Un pan d'histoire - Un déjeuner à Madrid - Claude SERILLON
Un déjeuner à Madrid
Claude SERILLON
Editions du Cherche –Midi – Mai 2018
Le 8 juin 1970, à Madrid, deux figures déclinantes, et toutefois emblématiques du monde politique européen, se rencontrent : le général Charles de Gaulle et le général Francisco Franco Brahamonde. Deux personnalités en apparence totalement incompatibles, deux itinéraires à priori distincts, et pourtant…
Pourtant, à l’occasion d’un voyage « privé » , de Gaulle et Madame se retrouvent à la table du Caudillo et de son épouse.
Ce qui subsiste de cet entretien informel ? Bien peu de choses ! Autant rester discrets ! Le témoignage du traducteur présent en partie a servi de base au roman.

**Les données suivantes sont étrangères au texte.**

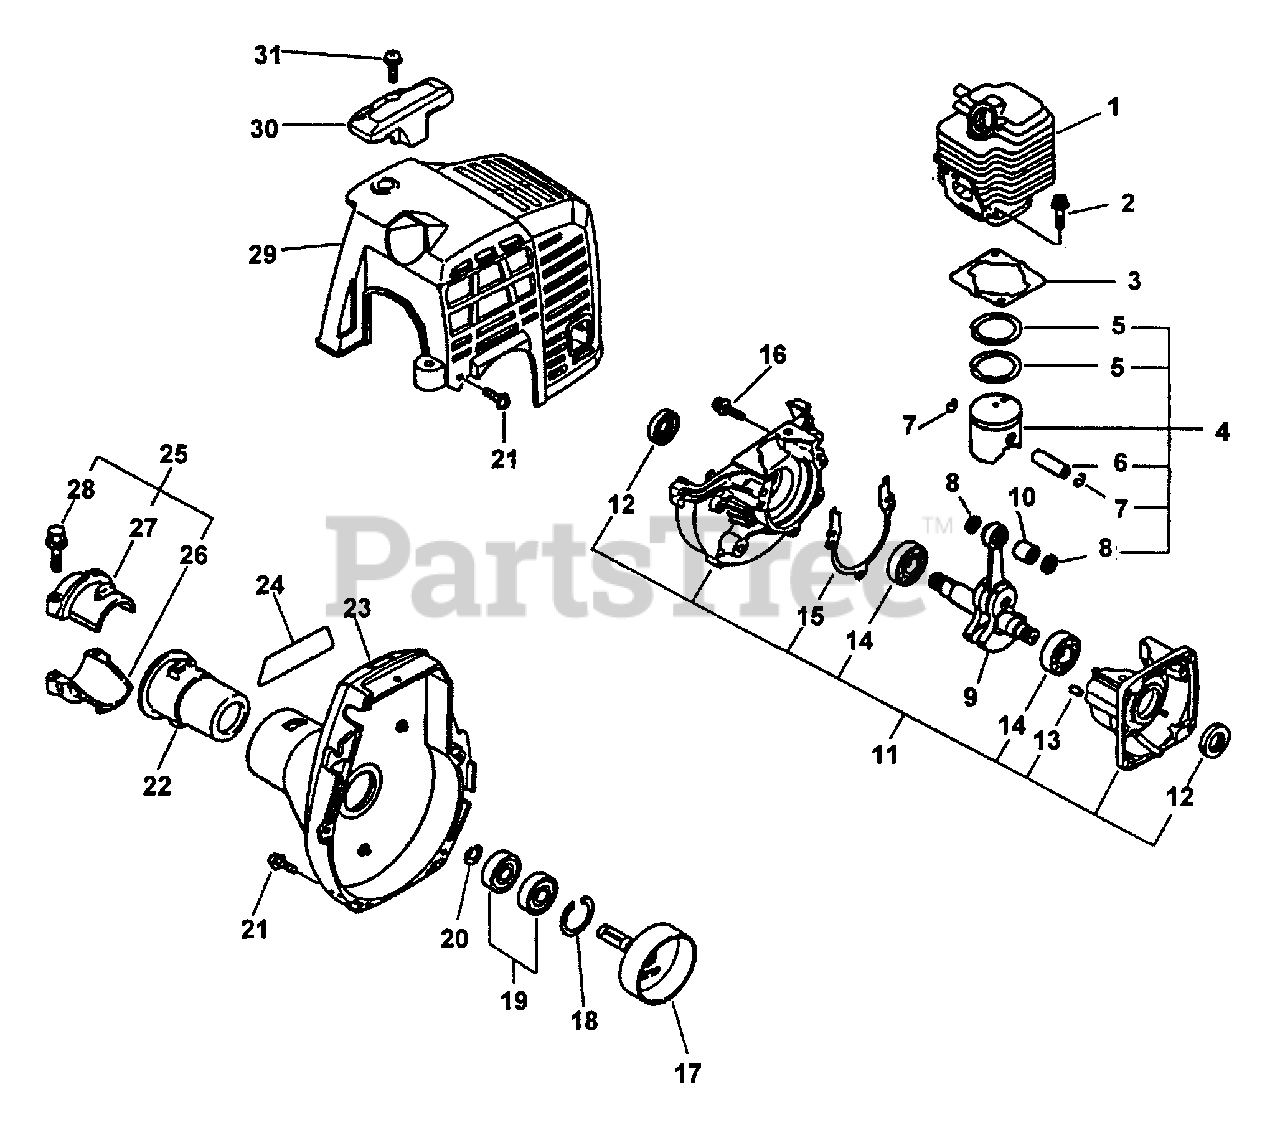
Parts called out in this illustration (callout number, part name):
1	CYLINDER
2	SCREW - 5X22
3	GASKET, CYLINDER
4	PISTON KIT
5	RING, PISTON
6	PIN, PISTON
7	RING, RETAINING
8	SPACER, PISTON
9	CRANKSHAFT ASSY
10	BEARING, NEEDLE
11	CRANKCASE KIT
12	SEAL, OIL
13	PIN - LOCATING
14	BEARING, BALL - 6201
15	GASKET, CRANKCASE
16	SCREW - 5X28
17	DRUM, CLUTCH
18	RING, RETAINING - 28
19	BEARING, BALL - 6001
20	RING, RETAINING - 12
21	SCREW - 4X16
22	CUSHION
23	FAN CASE ASSY
23	CASE, FAN
24	LABEL - MODEL PE-2400
25	HOLDER KIT
25	MAIN PIPE CLAMP KIT
26	CLAMP, MAIN PIPE
26	CLAMP, MAIN PIPE - LOWER
27	CLAMP, MAIN PIPE - UPPER
28	BOLT - 5X25
29	COVER, ENGINE
30	GUARD - TOP
31	SCREW - 5X16

Le reste, Claude Sérillon , journaliste, romancier, et homme engagé au service de la liberté d’expression, l’a imaginé, se basant sur des recherches pointues, nous permettant ainsi de partager cet étrange moment.
Si l’on se replonge dans le contexte de l’époque (post mai 1968), c’est un Franco vieillissant, et dont le pays attend la mort qui va faire face à un de Gaulle dessaisi du pouvoir quelques mois plus tôt par voie de référendum. Ce sont également deux nations, l’une tournée vers un avenir chargé d’espoir, l’autre plombé par des années et des années de dictature qui vont partager un saumon qu’Yvonne de Gaulle qualifiera d’exquis.

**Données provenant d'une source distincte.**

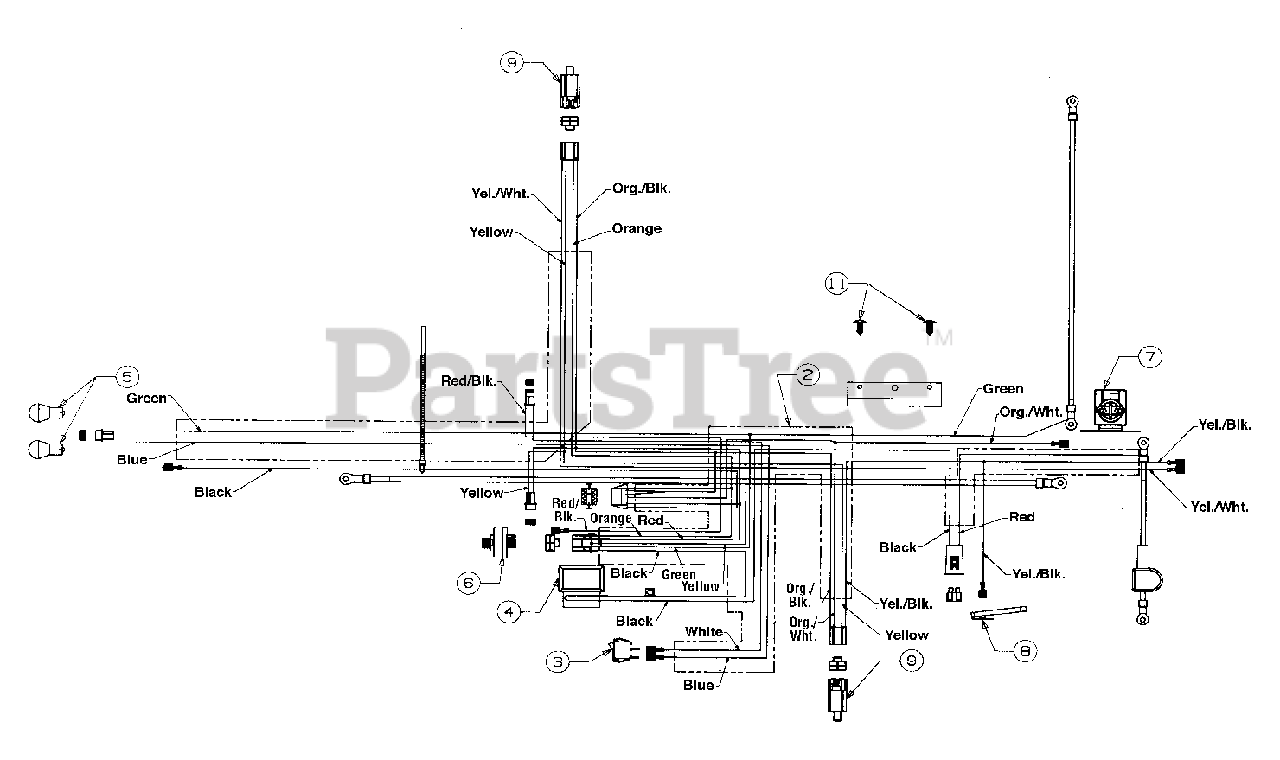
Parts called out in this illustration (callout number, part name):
2	Light Switch
3	Ammeter
4	Bulb
5	Ignition Switch
6	Solenoid
7	Safety Switch (Reverse)
8	Safety Switch
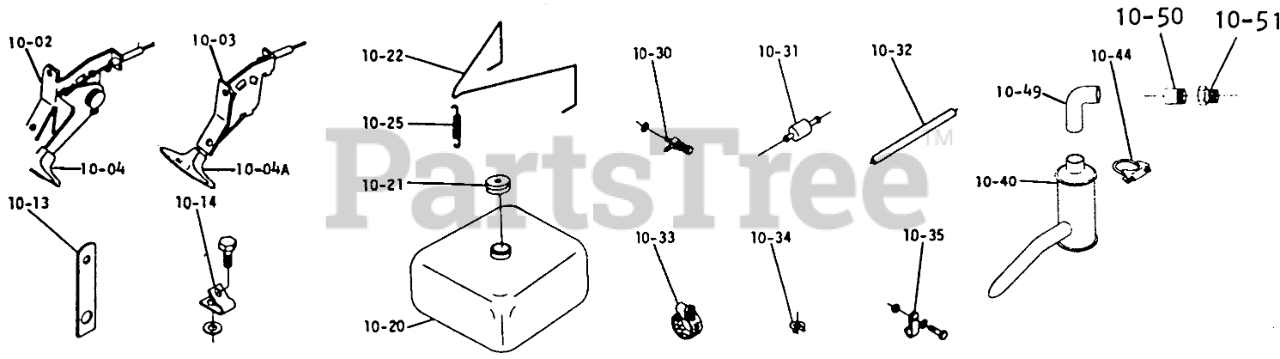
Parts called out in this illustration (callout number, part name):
10-03	THROTTLE CONTROL
10-03	#10-24 Kep-Nut
10-04	KNOB-CHOKE
10-04A	KNOB-THROTTLE
10-14	THROTTLE CONTROL CLP
10-14	Bolt 1/4-20 x 3/8
10-14	Bolt, 1/4-x 1/2
10-14	Nut-Nylok
10-22	HOLD DOWN WIRE
10-30	S/A FUEL VALVE
10-32	Fuel Line
10-32	Hose-Fuel-Pump to Carb 5.5
10-35	Bolt, 5/14-18 x 1 1/4
10-35	Washer
10-35	Nut-Nylok
10-40	MUFFLER
10-44	ASSY-MUFFLER CLAMP
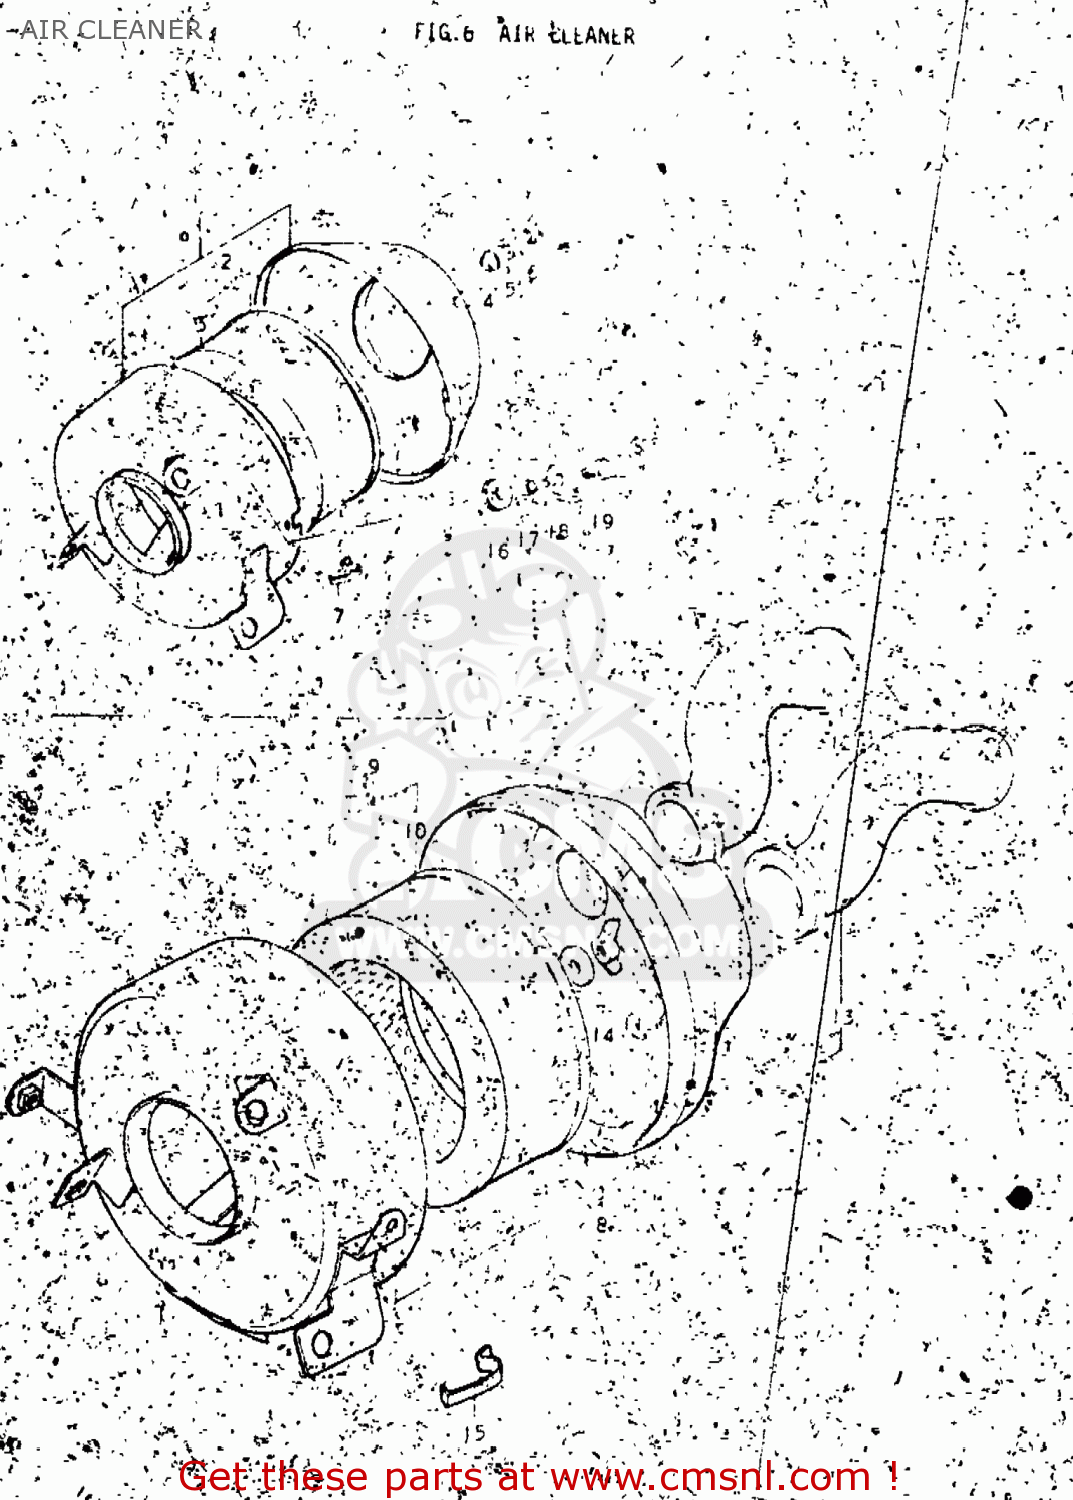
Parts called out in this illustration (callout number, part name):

Les dialogues mis en scène par Claude Sérillon sont un régal. On imagine aisément ces deux hommes échanger en toute courtoisie (oui, oui !!) et peut –être (mais c’est là mon avis personnel) en toute mégalomanie. C’est sans doute cela le plus édifiant, je pense.
Par exemple :
De Gaulle à Franco : « Avez-vous compris que nous sommes des moments d’histoire ? »

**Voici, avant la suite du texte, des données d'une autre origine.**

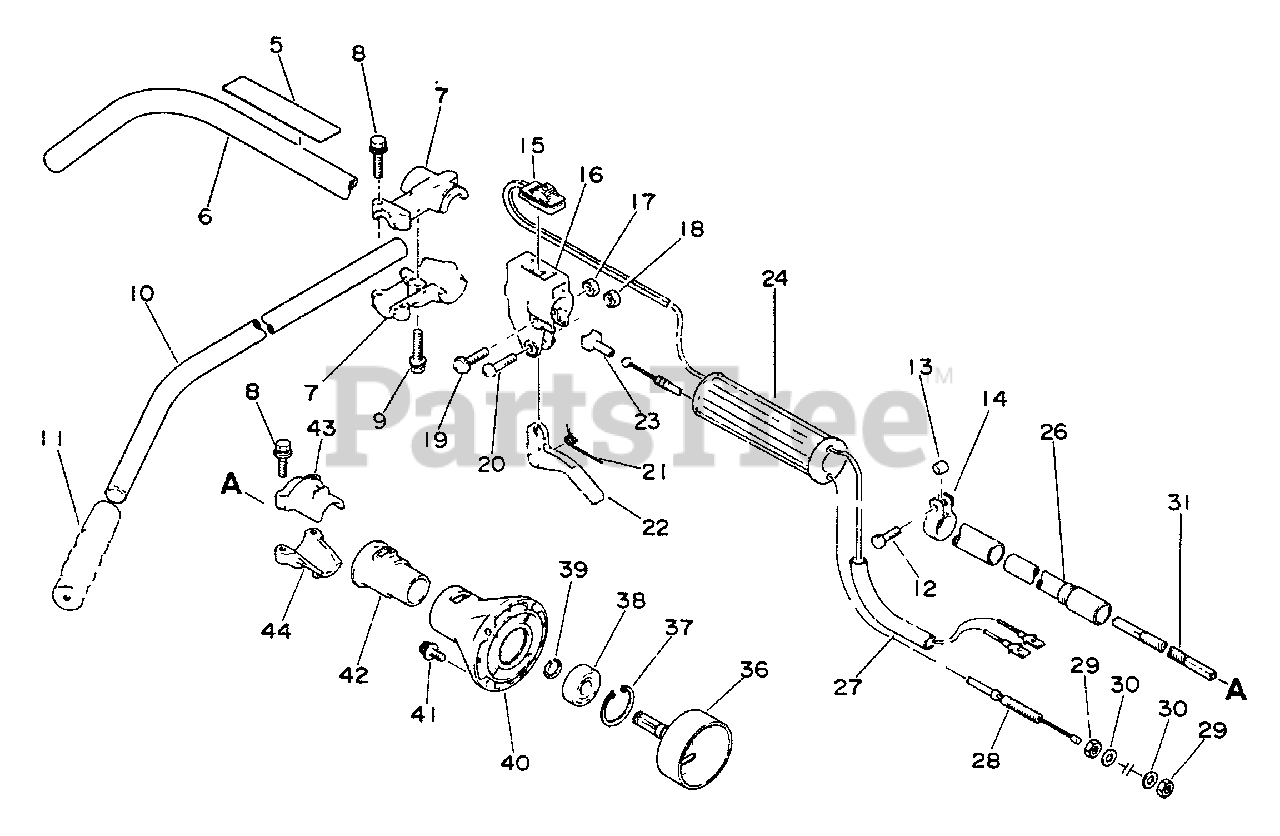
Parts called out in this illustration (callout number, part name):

Franco à de Gaulle : « C’est notre destin, général, nous sommes sur Terre pour conduire le cours des choses ».
L’auteur dissémine ça et là quelques détails légers, voire drôles, comme le détail du menu de ce repas plutôt austère, à l’image du Palais du Pardo.
Enfin, « au bout du compte », on prend connaissance de l’édifiante lettre envoyée après ce séjour , ultime baroud d’honneur à un pays qui l’avait blessé dans son amour-propre, par de Gaulle au Caudillo. Une lettre aussi incroyable que véridique… Une lettre d’absolution de toutes les horreurs commises , de la terreur écrasante du régime franquiste.
« Glaçant » écrira Mauriac
« J’aurais quitté le gouvernement si de Gaulle avait fait cette visite en tant que chef d’Etat. » (André Malraux).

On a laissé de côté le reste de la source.